Over the last months I have been busy working on a project for Mapbox. As part of that project I have spent a lot of time improving Osmium. And not just a few changes here or there but a more or less complete redesign based on the experience of developing and using Osmium for the last nearly three years now.
One of the biggest drawbacks with Osmium was always that it was single-threaded only and by its design it was difficult to change that. Efficient multithreading needs different data structures and it is especially important not to use too much dynamic memory allocation, because allocating and deallocating memory is always inherently synchronized. (Unless you use your own allocator.) So I redesigned the way OSM objects are stored internally. They are stored in large buffers now containing many objects instead of using lots of little bits and pieces of memory. This step alone made creation of those objects about 10% faster. But it also is an important building block in making things work better when running multithreaded. As an added benefit, these objects are trivial to serialize. Just write the buffer memory to disk or to a socket. A different process (potentially on a different host) can read the data in again and use the objects directly.

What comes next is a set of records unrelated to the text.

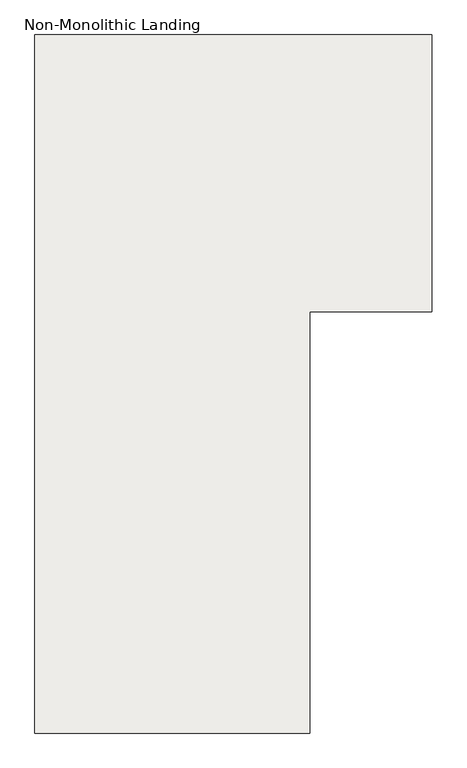
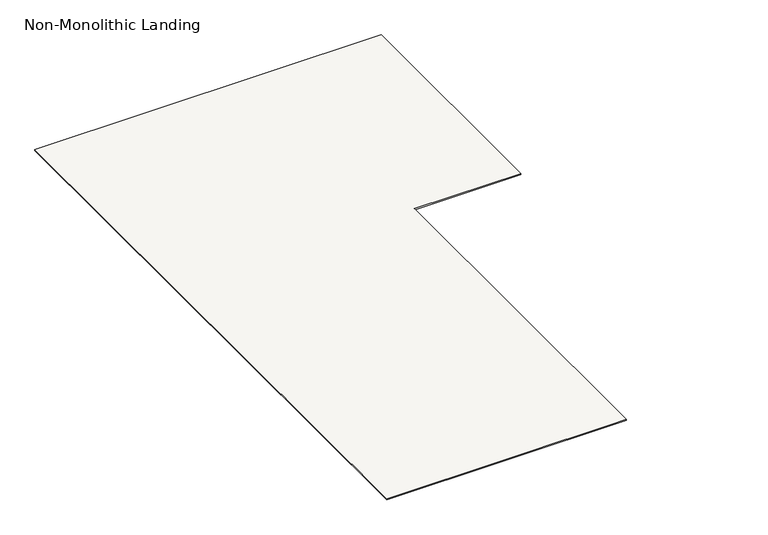
"""IFC4 building model written with IfcOpenShell, lengths in millimetres: slab geometry, Non-Monolithic Landing."""

from ifc_helpers import new_model, si_unit, origin, place, context, project, spatial, faceted_brep, source, transform, mapped, element, save


def non_monolithic_landing_addf079d(model_context):
    return source(origin(), model_context, "Body", "Brep", [
        faceted_brep([(14150.0, 13220.4345331, 20000.0), (12444.9411574, 13220.4345331, 20000.0), (12444.9411574, 10220.4345331, 20000.0), (13625.0, 10220.4345331, 20000.0), (13625.0, 12030.4345331, 20000.0), (14150.0, 12030.4345331, 20000.0), (12444.9411574, 10220.4345331, 19994.0), (12444.9411574, 13220.4345331, 19994.0), (14149.15, 13220.4345331, 19994.0), (14149.15, 12030.4345331, 19994.0), (13625.0, 12030.4345331, 19994.0), (13625.0, 10220.4345331, 19994.0)], [[[0, 1, 2, 3, 4, 5]], [[6, 7, 8, 9, 10, 11]], [[1, 0, 8, 7]], [[5, 4, 10, 9]], [[4, 3, 11, 10]], [[3, 2, 6, 11]], [[2, 1, 7, 6]], [[0, 5, 9, 8]]]),
    ])


if __name__ == "__main__":
    model = new_model("IFC4")
    model_context = context("Model", 3, world=origin())
    ifc_project = project(units=[si_unit("LENGTHUNIT", "METRE", prefix="MILLI")], contexts=[model_context])
    site = spatial("IfcSite", under=ifc_project)
    building = spatial("IfcBuilding", under=site)
    placement = place(None, origin())
    non_monolithic_landing_shape = non_monolithic_landing_addf079d(model_context)
    element("IfcSlab", 1, ObjectType="Non-Monolithic Landing", at=placement, inside=building, context=model_context, shape_type="MappedRepresentation", body=[
        mapped(non_monolithic_landing_shape, transform((0.0, 0.0, 0.0), x_axis=(1.0, 0.0, 0.0), y_axis=(0.0, 1.0, 0.0), z_axis=(0.0, 0.0, 1.0))),
    ])
    save(model, "model.ifc")

# Revit data of these elements
# Element 1 (IfcSlab, "Non-Monolithic Landing")
#   Materials on its faces: "Steel, Paint Finish, Dark Gray"
# Materials
#   "Steel, Paint Finish, Dark Gray": class "Metal", colour RGB 89 89 89, transparency 0, Description = "Steel, paint finish, dark gray, glossy", Cost = 0
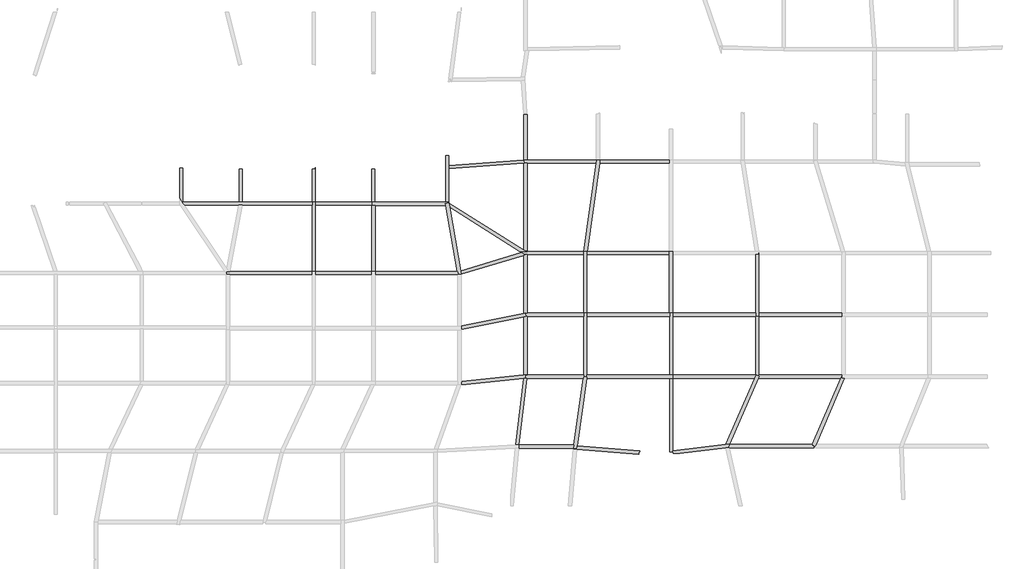
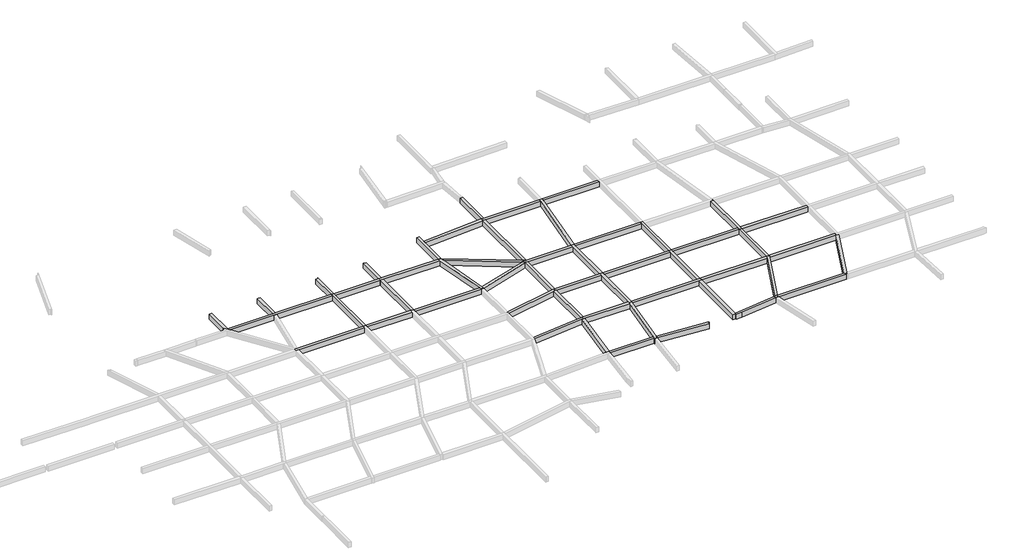
# One storey, part 10 of 15: 51 beams.
"""IFC4 building model written with IfcOpenShell, lengths in millimetres."""

from ifc_helpers import new_model, si_unit, frame, origin, place, context, project, spatial, polyline, outline, extrude, faceted_brep, element, save

model = new_model("IFC4")

# Units and contexts
model_context = context("Model", 3, world=origin())
ifc_project = project(units=[si_unit("LENGTHUNIT", "METRE", prefix="MILLI")], contexts=[model_context])

# Site, building, storey
site = spatial("IfcSite", under=ifc_project)
building = spatial("IfcBuilding", under=site)
storey = spatial("IfcBuildingStorey", under=building, Name="层高", Elevation=3300.0)

# Beams
placement = place(None, origin())
element("IfcBeam", 1, ObjectType="混凝土 - 矩形梁 : KL_beam", at=placement, inside=storey, context=model_context, shape_type="SweptSolid", body=[
    extrude(outline(polyline([(208450.3009381, 80084.9176514), (208450.3009381, 80384.9176514), (213550.3009381, 80384.9176514), (213550.3009381, 80084.9176514), (208450.3009381, 80084.9176514)])), frame((0.0, 0.0, 2700.0), z_axis=(0.0, 0.0, 1.0), x_axis=(1.0, 0.0, 0.0)), (0.0, 0.0, 1.0), 600.0),
])
element("IfcBeam", 2, ObjectType="混凝土 - 矩形梁 : KL_beam", at=placement, inside=storey, context=model_context, shape_type="Brep", body=[
    faceted_brep([(208150.3009381, 80092.1684205, 3300.0), (208150.3009381, 80384.9176514, 3300.0), (208450.3009381, 80384.9176514, 3300.0), (208450.3009381, 80392.1684205, 3300.0), (208150.3009381, 80392.1684205, 3300.0), (200691.8253203, 80392.1684205, 3300.0), (200590.9130323, 80392.1684205, 3300.0), (200361.325629, 80392.1684205, 3300.0), (200361.325629, 80196.1646357, 3300.0), (200361.325629, 80092.1684205, 3300.0), (200661.325629, 80092.1684205, 3300.0), (208150.3009381, 80092.1684205, 2700.0), (200361.325629, 80092.1684205, 2700.0), (200661.325629, 80092.1684205, 2700.0), (208150.3009381, 80384.9176514, 2700.0), (200361.325629, 80196.1646357, 2700.0), (200361.325629, 80392.1684205, 2700.0), (200590.9130323, 80392.1684205, 2700.0), (200691.8253203, 80392.1684205, 2700.0), (208150.3009381, 80392.1684205, 2700.0), (208450.3009381, 80392.1684205, 2700.0), (208450.3009381, 80384.9176514, 2700.0)], [[[0, 1, 2, 3, 4, 5, 6, 7, 8, 9, 10]], [[11, 0, 10, 9, 12, 13]], [[14, 11, 13, 12, 15, 16, 17, 18, 19, 20, 21]], [[16, 7, 6, 5, 4, 3, 20, 19, 18, 17]], [[14, 1, 0, 11]], [[1, 14, 21, 2]], [[9, 8, 7, 16, 15, 12]], [[20, 3, 2, 21]]]),
])
element("IfcBeam", 3, ObjectType="混凝土 - 矩形梁 : KL_beam", at=placement, inside=storey, context=model_context, shape_type="Brep", body=[
    faceted_brep([(232749.8021762, 70852.5016685, 3300.0), (233049.8021762, 70831.5236249, 3300.0), (233049.8021762, 70992.0126454, 3300.0), (233049.8021762, 76292.0126467, 3300.0), (233049.8021762, 76592.0126467, 3300.0), (232749.8021762, 76592.0126467, 3300.0), (232749.8021762, 76292.0126467, 3300.0), (232749.8021762, 70992.0126467, 3300.0), (233049.8021762, 70831.5236249, 2700.0), (233049.8021762, 70992.0126454, 2700.0), (233049.8021762, 76292.0126467, 2700.0), (233049.8021762, 76592.0126467, 2700.0), (232749.8021762, 70852.5016685, 2700.0), (232749.8021762, 70992.0126467, 2700.0), (232749.8021762, 76292.0126467, 2700.0), (232749.8021762, 76592.0126467, 2700.0)], [[[0, 1, 2, 3, 4, 5, 6, 7]], [[1, 8, 9, 10, 11, 4, 3, 2]], [[8, 12, 13, 14, 15, 11, 10, 9]], [[12, 0, 7, 6, 5, 15, 14, 13]], [[0, 12, 8, 1]], [[5, 4, 11, 15]]]),
])
element("IfcBeam", 4, ObjectType="混凝土 - 矩形梁 : KL_beam", at=placement, inside=storey, context=model_context, shape_type="Brep", body=[
    faceted_brep([(232124.0582724, 64244.513481, 3300.0), (232165.8855427, 64542.1299739, 3300.0), (233030.1951867, 70692.0126454, 3300.0), (233049.8021762, 70831.5236249, 3300.0), (232749.8021762, 70852.5016685, 3300.0), (232727.2469151, 70692.0126467, 3300.0), (231875.9120638, 64634.4504224, 3300.0), (231833.7498134, 64334.4504224, 3300.0), (231826.9778517, 64286.2654113, 3300.0), (232749.8021762, 70852.5016685, 2700.0), (232727.2469151, 70692.0126467, 2700.0), (231875.9120638, 64634.4504224, 2700.0), (231833.7498134, 64334.4504224, 2700.0), (231826.9778517, 64286.2654113, 2700.0), (233049.8021762, 70831.5236249, 2700.0), (233030.1951867, 70692.0126454, 2700.0), (232165.8855427, 64542.1299739, 2700.0), (232124.0582724, 64244.513481, 2700.0)], [[[0, 1, 2, 3, 4, 5, 6, 7, 8]], [[8, 7, 6, 5, 4, 9, 10, 11, 12, 13]], [[13, 12, 11, 10, 9, 14, 15, 16, 17]], [[3, 2, 1, 0, 17, 16, 15, 14]], [[3, 14, 9, 4]], [[0, 8, 13, 17]]]),
])
element("IfcBeam", 5, ObjectType="混凝土 - 矩形梁 : KL_beam", at=placement, inside=storey, context=model_context, shape_type="Brep", body=[
    faceted_brep([(233049.8021762, 70831.5236249, 3300.0), (233030.1951867, 70692.0126454, 3300.0), (240549.8021765, 70692.0126454, 3300.0), (240849.8021765, 70692.0126454, 3300.0), (240849.8021765, 70992.0126454, 3300.0), (240549.8021765, 70992.0126454, 3300.0), (233049.8021762, 70992.0126454, 3300.0), (240849.8021765, 70992.0126454, 2700.0), (240549.8021765, 70992.0126454, 2700.0), (233049.8021762, 70992.0126454, 2700.0), (233030.1951867, 70692.0126454, 2700.0), (233049.8021762, 70831.5236249, 2700.0), (240849.8021765, 70692.0126454, 2700.0), (240549.8021765, 70692.0126454, 2700.0)], [[[0, 1, 2, 3, 4, 5, 6]], [[4, 7, 8, 9, 6, 5]], [[10, 11, 9, 8, 7, 12, 13]], [[1, 10, 13, 12, 3, 2]], [[1, 0, 11, 10]], [[0, 6, 9, 11]], [[4, 3, 12, 7]]]),
])
element("IfcBeam", 6, ObjectType="混凝土 - 矩形梁 : KL_beam", at=placement, inside=storey, context=model_context, shape_type="Brep", body=[
    faceted_brep([(240849.8021765, 76592.0126467, 3300.0), (240838.5455997, 76592.0126467, 3300.0), (240549.8021765, 76592.0126467, 3300.0), (240549.8021765, 76292.0126467, 3300.0), (240549.8021765, 70992.0126454, 3300.0), (240849.8021765, 70992.0126454, 3300.0), (240849.8021765, 76302.5702379, 3300.0), (240849.8021765, 76592.0126467, 2700.0), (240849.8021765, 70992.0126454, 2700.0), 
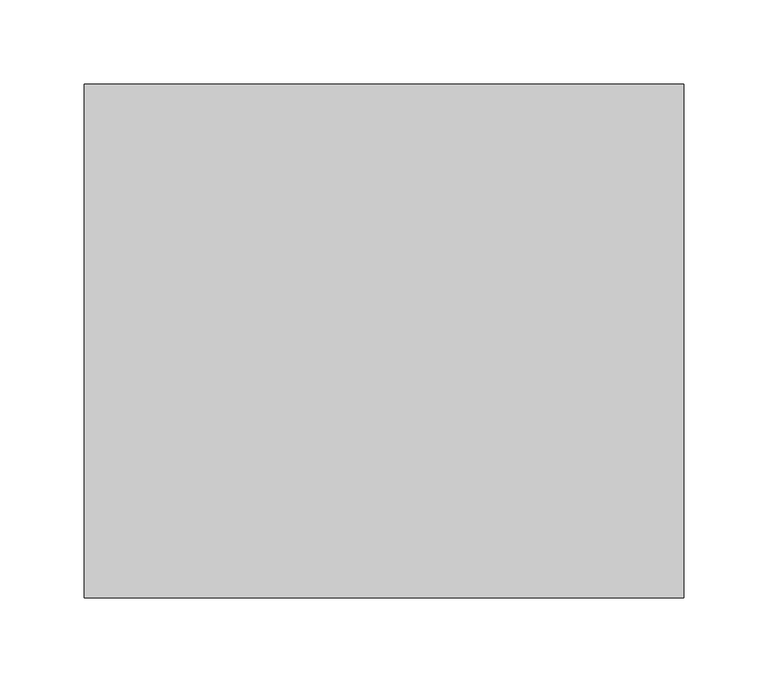
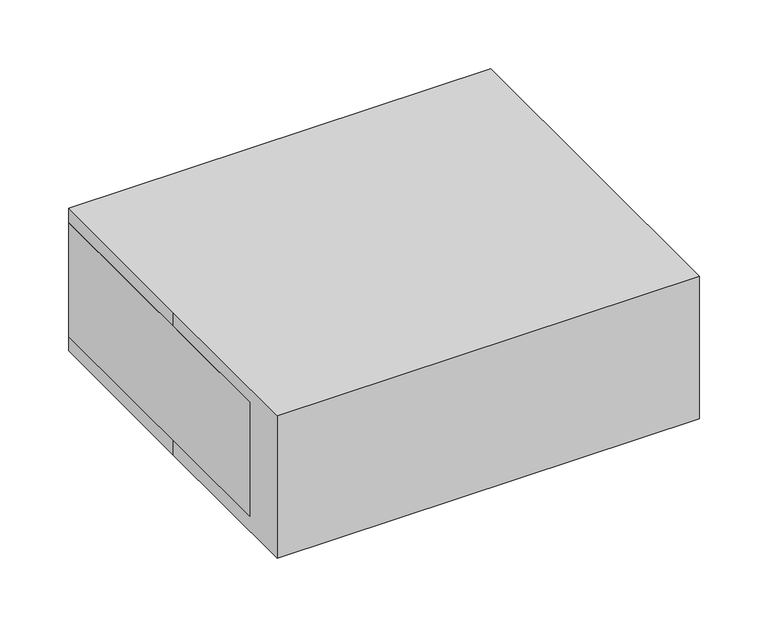
"""IFC4 building model written with IfcOpenShell, lengths in millimetres: proxy geometry, M8551 - Light Source, Fiberoptic Headlamp : M8551 - Light Source, Fiberoptic Headlamp."""

from ifc_helpers import new_model, si_unit, point, frame, frame_2d, origin, origin_with_axes, place, context, project, spatial, polyline, circle_curve, trimmed, segment, composite_curve, outline, extrude, source, transform, mapped, element, save


def specialty_equipment_4bd9d96e(model_context):
    return source(origin(), model_context, "Body", "SweptSolid", [
        extrude(outline(polyline([(142.2096017, -124.4389004), (97.7596017, -124.4389004), (97.7596017, -111.7389004), (142.2096017, -111.7389004), (142.2096017, -124.4389004)])), frame((0.0, 0.0, 40.6305658), z_axis=(0.0, 0.0, 1.0), x_axis=(1.0, 0.0, 0.0)), (0.0, 0.0, 1.0), 25.4),
        extrude(outline(polyline([(66.0096017, -124.4389004), (21.5596017, -124.4389004), (21.5596017, -111.7389004), (66.0096017, -111.7389004), (66.0096017, -124.4389004)])), frame((0.0, 0.0, 40.6305658), z_axis=(0.0, 0.0, 1.0), x_axis=(1.0, 0.0, 0.0)), (0.0, 0.0, 1.0), 25.4),
        extrude(outline(polyline([(122.6611094, -124.4389004), (52.8111094, -124.4389004), (52.8111094, -111.7389004), (122.6611094, -111.7389004), (122.6611094, -124.4389004)])), frame((0.0, 0.0, 87.4668281), z_axis=(0.0, 0.0, 1.0), x_axis=(1.0, 0.0, 0.0)), (0.0, 0.0, 1.0), 12.7),
        extrude(outline(composite_curve([segment(trimmed(circle_curve(frame_2d((69.3961128, -46.7129229)), 6.35), [point((69.3961128, -53.0629229))], [point((69.3961128, -40.3629229))], False, "CARTESIAN"), True, "CONTINUOUS"), segment(trimmed(circle_curve(frame_2d((69.3961128, -46.7129229)), 6.35), [point((69.3961128, -40.3629229))], [point((69.3961128, -53.0629229))], False, "CARTESIAN"), True, "CONTINUOUS")], self_intersect=False)), frame((0.0, -124.4389004, 0.0), z_axis=(0.0, 1.0, 0.0), x_axis=(0.0, 0.0, 1.0)), (0.0, 0.0, 1.0), 12.7),
        extrude(outline(composite_curve([segment(trimmed(circle_curve(frame_2d((67.9537355, -104.8888066)), 19.05), [point((67.9537355, -123.9388066))], [point((67.9537355, -85.8388066))], False, "CARTESIAN"), True, "CONTINUOUS"), segment(trimmed(circle_curve(frame_2d((67.9537355, -104.8888066)), 19.05), [point((67.9537355, -85.8388066))], [point((67.9537355, -123.9388066))], False, "CARTESIAN"), True, "CONTINUOUS")], self_intersect=False)), frame((0.0, -137.1389004, 0.0), z_axis=(0.0, 1.0, 0.0), x_axis=(0.0, 0.0, 1.0)), (0.0, 0.0, 1.0), 25.4),
        extrude(outline(composite_curve([segment(trimmed(circle_curve(frame_2d((137.9995251, -74.3090998)), 12.7), [point((150.6995251, -74.3090998))], [point((125.2995251, -74.3090998))], False, "CARTESIAN"), True, "CONTINUOUS"), segment(trimmed(circle_curve(frame_2d((137.9995251, -74.3090998)), 12.7), [point((125.2995251, -74.3090998))], [point((150.6995251, -74.3090998))], False, "CARTESIAN"), True, "CONTINUOUS")], self_intersect=False)), origin_with_axes(), (0.0, 0.0, 1.0), 12.7),
        extrude(outline(composite_curve([segment(trimmed(circle_curve(frame_2d((137.9995251, 116.1909002)), 12.7), [point((150.6995251, 116.1909002))], [point((125.2995251, 116.1909002))], False, "CARTESIAN"), True, "CONTINUOUS"), segment(trimmed(circle_curve(frame_2d((137.9995251, 116.1909002)), 12.7), [point((125.2995251, 116.1909002))], [point((150.6995251, 116.1909002))], False, "CARTESIAN"), True, "CONTINUOUS")], self_intersect=False)), origin_with_axes(), (0.0, 0.0, 1.0), 12.7),
        extrude(outline(composite_curve([segment(trimmed(circle_curve(frame_2d((-137.9995251, -74.3090998)), 12.7), [point((-150.6995251, -74.3090998))], [point((-125.2995251, -74.3090998))], False, "CARTESIAN"), True, "CONTINUOUS"), segment(trimmed(circle_curve(frame_2d((-137.9995251, -74.3090998)), 12.7), [point((-125.2995251, -74.3090998))], [point((-150.6995251, -74.3090998))], False, "CARTESIAN"), True, "CONTINUOUS")], self_intersect=False)), origin_with_axes(), (0.0, 0.0, 1.0), 12.7),
        extrude(outline(polyline([(177.8, 152.4), (177.8, -111.7389004), (-177.8, -111.7389004), (-177.8, 152.4), (177.8, 152.4)])), frame((0.0, 0.0, 12.7), z_axis=(0.0, 0.0, 1.0), x_axis=(1.0, 0.0, 0.0)), (0.0, 0.0, 1.0), 101.6),
        extrude(outline(composite_curve([segment(trimmed(circle_curve(frame_2d((-137.9995251, 116.1909002)), 12.7), [point((-150.6995251, 116.1909002))], [point((-125.2995251, 116.1909002))], False, "CARTESIAN"), True, "CONTINUOUS"), segment(trimmed(circle_curve(frame_2d((-137.9995251, 116.1909002)), 12.7), [point((-125.2995251, 116.1909002))], [point((-150.6995251, 116.1909002))], False, "CARTESIAN"), True, "CONTINUOUS")], self_intersect=False)), origin_with_axes(), (0.0, 0.0, 1.0), 12.7),
        extrude(outline(polyline([(-177.8, 152.4), (177.8, 152.4), (177.8, -152.4), (-177.8, -152.4), (-177.8, 0.0), (-177.8, 152.4)])), origin_with_axes(), (0.0, 0.0, 1.0), 127.0),
    ])


if __name__ == "__main__":
    model = new_model("IFC4")
    model_context = context("Model", 3, world=origin())
    ifc_project = project(units=[si_unit("LENGTHUNIT", "METRE", prefix="MILLI")], contexts=[model_context])
    site = spatial("IfcSite", under=ifc_project)
    building = spatial("IfcBuilding", under=site)
    placement = place(None, origin())
    specialty_equipment_shape = specialty_equipment_4bd9d96e(model_context)
    element("IfcBuildingElementProxy", 1, Name="M8551 - Light Source, Fiberoptic Headlamp : M8551 - Light Source, Fiberoptic Headlamp", ObjectType="M8551 - Light Source, Fiberoptic Headlamp : M8551 - Light Source, Fiberoptic Headlamp", at=placement, inside=building, context=model_context, shape_type="MappedRepresentation", body=[
        mapped(specialty_equipment_shape, transform((0.0, 0.0, 0.0), x_axis=(1.0, 0.0, 0.0), y_axis=(0.0, 1.0, 0.0), z_axis=(0.0, 0.0, 1.0))),
    ])
    save(model, "model.ifc")

# Revit data of these elements
# Type "M8551 - Light Source, Fiberoptic Headlamp : M8551 - Light Source, Fiberoptic Headlamp"
#   Watts2 = "0"
#   Watts1 = "720"
#   Unit_Issue = "EA"
#   UTIL_6_Misc = "-"
#   UTIL_5_NonMedGas = "-"
#   UTIL_4_MiscGas = "-"
#   UTIL_3_MedGas = "-"
#   UTIL_2_Elec = "A"
#   UTIL_1_WaterDrain = "-"
#   Nomenclature = "Light Source, Fiberoptic Headlamp"
#   NSN = "6515"
#   Location [instance default] = ""
#   JSN = "M8551"
#   Fund_Source_VA = "-"
#   Fund_Source_Navy = "-"
#   Fund_Source_Army = "-"
#   Fund_Source_AF = "-"
#   ELEC_Volts2 = "0"
#   ELEC_Volts1 = "120"
#   ELEC_Phase2 = "0"
#   ELEC_Phase1 = "1"
#   ELEC_HertzSwitch = "-1"
#   ELEC_HertzDependent = "-1"
#   ELEC_Hertz = "60"
#   ELEC_Amps2 = "0"
#   ELEC_Amps1 = "6"
#   DetailDescription = "Fiberoptic light source for surgical headlamps. This unit provides color corrected light for surgical procedures where photography is not required."
#   CAT_VA = "C"
#   CAT_Navy = "C"
#   CAT_IHS = "-"
#   CAT_Army = "C"
#   CAT_AF = "C"
#   BTUperhour = "0"
#   Weight_IP = 14
#   DIM_Width_IP = 1' - 2"
#   DIM_Height_IP = 0' - 5"
#   DIM_Depth_IP = 1' - 0"
#   finish [instance default] = none
# Element 1 (IfcBuildingElementProxy, "M8551 - Light Source, Fiberoptic Headlamp : M8551 - Light Source, Fiberoptic Headlamp")
#   Location = "ORCS1"
#   Materials on its faces: "EquipSpace"
# Materials
#   "EquipSpace": class "Unassigned", colour RGB 221 217 195, transparency 0.5

I have started to bring multithreading into Osmium, but it will be a longer process to add it to the different parts. OSM XML files are now read in a separate thread from the main program and when reading PBF files a configurable number of threads can be used. Preliminary benchmarks indicate PBF reading to be about twice as fast this way. But there are a lot of improvements that can and will be done later.
In 2011 the long-awaited new C++ version was standardized. C++11 has numerous improvements and it not only makes programming in C++ much easier and more fun, it can also bring performance gains. C++11 is also the first C++ standard that includes multithreading as part of the core language, before that there were several different multithreading approaches used on different operating systems.
Because of the many benefits I decided to require C++11 for the redesigned Osmium. Unfortunately this means it will not work with older compilers and older systems. But the standard has been a long time in the making and compiler writers had a long time to add support. Both GCC and clang support all relevant features. I have tested both GCC 4.8 and clang 3.2 and they work great. And the error reporting in clang is so much better now than in GCC and in earlier versions of clang that it is often quite easy to figure out what went wrong.
There are many other changes in the new Osmium. Some as simple as renaming a class or function to make it easier to understand. Some as complex as the redesign of the way handlers work. And it is not complete yet. The biggest missing piece is the multipolygon support. There are also many parts that need tidying up and some interfaces that are not quite tied down yet. I would not recommend it yet for serious development, but I encourage you to take a look, try it out, and report problems.
One important step is to try it with as many use cases as possible to see whether it supports them properly and make sure the interfaces are okay, before we set them in stone. And I need your help with that. Tell me what you have been doing with Osmium (or not doing, because it didn’t work for some reason) and we can have a look at whether and how the new Osmium can do these things.
Until now Osmium has lived in my personal github space and the documentation is on the OSM wiki. But now with the project growing up and becoming bigger it should get it’s own space. For this I have created the osmcode organization on github and the osmcode.org domain. Currently these places contain only the new Osmium repository, but I will add more Osmium-related stuff soon.
Many thanks to Mapbox for supporting this work!
I’ll be giving a talk at State of the Map 2013 in September in Birmingham about “High Performance OSM Data Manipulation With Osmium”. I hope to see you there!